I have a sketch that is a rectangle with rounded corners.  I projected the construction axis into the sketch and constrained the sides symetric to the projected construction axis.  I can stll move the sketch.  Shouldn't the sektch maintain the symetric constraint??

 symetric constraint applied.PNGsketch dragged.PNG

 

6 REPLIES 6
Message 2 of 7
innovatenate
in reply to: Lonnie.Cady

This doesn't look right to me. When you hover over the symmetric constraint with your mouse, which sketch entities are highlighted? Perhaps, a wrong selection has been made or the entities have resolved to an unintended entity when the sketch was modified....

 

Would you be able to share the file? Feel free to e-mail it to me directly if you would prefer (nathan.chandler@autodesk.com). 

 

You may also consider using points and midpoints to create relationships that will have the same effect as a symmetric constraint. In the below video, I show another user how to make the sketch symmetric about the vertical axis utilizing midpoint constraint.

 

 

 

 

 

 I hope that helps. Please let me know if you have any questions.

 

Thanks,

 

 




Nathan Chandler
Principal Specialist
Message 3 of 7
innovatenate
in reply to: Lonnie.Cady

The issue appears to be a conflict between the sketch dimension and the symmetric constraint. If you edit the sketch dimension (value 65.3 mm), the symmetric constraint will be maintained. If you delete that dimension and then drag the sketch entities, there is no problem. However, if you leave that dimension and then drag, the solver does not behave how I would expect it to. I will forward this incident to development for further investigation. 

 

Thank you for reporting this. 

 

Kind Regards,

 

 




Nathan Chandler
Principal Specialist
Message 4 of 7
Lonnie.Cady
in reply to: innovatenate

Thank you very much.  To add a little more to this, one other issue is that I create the rectangle as a center ponit rectange and was going to constrain the center of the rectangle to the origin.  I then added sketch fillets and the center construction lines that for the x are no longer attached.

 

Capture.PNG

Message 5 of 7
innovatenate
in reply to: Lonnie.Cady

 

 

I am able to follow along with this one.. I note that the dimensions are no longer associated with the size of rectangle and the reference lines do not seem to have any impact on the position of the rectangle. However by adding the fillets, the coincident constraints are removed between the endpoints of the lines of the rectangle and of the reference lines.
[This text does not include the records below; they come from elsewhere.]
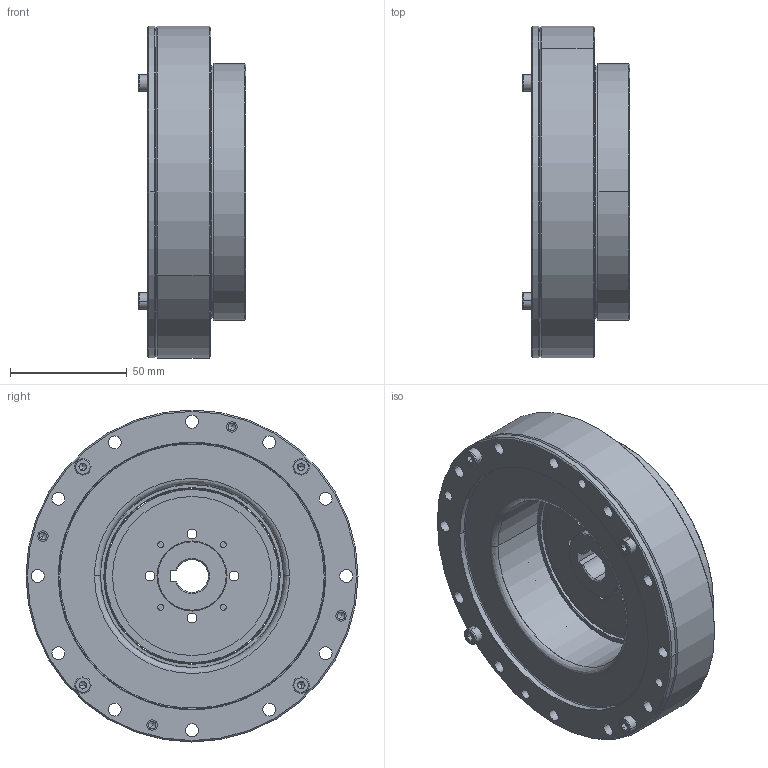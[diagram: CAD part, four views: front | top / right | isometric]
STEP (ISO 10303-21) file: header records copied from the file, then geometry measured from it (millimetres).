
FILE_DESCRIPTION (( 'STEP AP203' ), '1' );
FILE_NAME ('LHS-32-XXX-C-I.step', '2025-01-07T06:45:21', ( '' ), ( '' ), 'SwSTEP 2.0', 'SolidWorks 2023', '' );
FILE_SCHEMA (( 'CONFIG_CONTROL_DESIGN' ));
Length unit declared in the file: millimetre
Products named in the file (1): LHS-32-XXX-C-I
Bounding box: 46 x 142 x 142 mm (x, y, z)
Volume: 320433.4 mm3; surface area: 181735.5 mm2
Topology: 45 solids, 45 shells, 1040 faces, 2569 edges, 1515 vertices
Faces by surface type: cylinder 399, plane 303, cone 210, bspline 128
Entity records: 34231 total; most frequent: CARTESIAN_POINT 9941, DIRECTION 5393, ORIENTED_EDGE 4790, EDGE_CURVE 2395, AXIS2_PLACEMENT_3D 2209, VERTEX_POINT 1515, CIRCLE 1296, EDGE_LOOP 1274

The glue holding everything together has been removed!

 

This may be plus one for the work-around I mentioned before, utilizing midpoints and horizontal or vertical constraints to center a rectangle (provided that the fillets are have the same radii).  I understand why this behavior happens, but the question is how would you like to see it behave? I'd recommend adding an enhancement to the Fusion 360 IdeaStation for this issue.

 

http://forums.autodesk.com/t5/fusion-360-ideastation-request-a/idb-p/125

 

If you get a chance, post a link back here and I will vote it up!

 

Thanks,

 

 

 




Nathan Chandler
Principal Specialist
Message 6 of 7
Lonnie.Cady
in reply to: innovatenate

Thanks, I am not sure how it should be handled.  Mayby me understanding it better is all that is required.

 

I will test in my other modeling software in the morning.  But I am thinking it maintains the constraint to the virtual sharp not the endpoint of the lines.

Message 7 of 7
Lonnie.Cady
in reply to: Lonnie.Cady

I have tested in another cad system I am familiar with and the endpoints of the construction lines of  a center point rectangle are constrained to the intersection of the the 2 rectangle edges.  So when the fillets are added the the constraint relationship is maintained.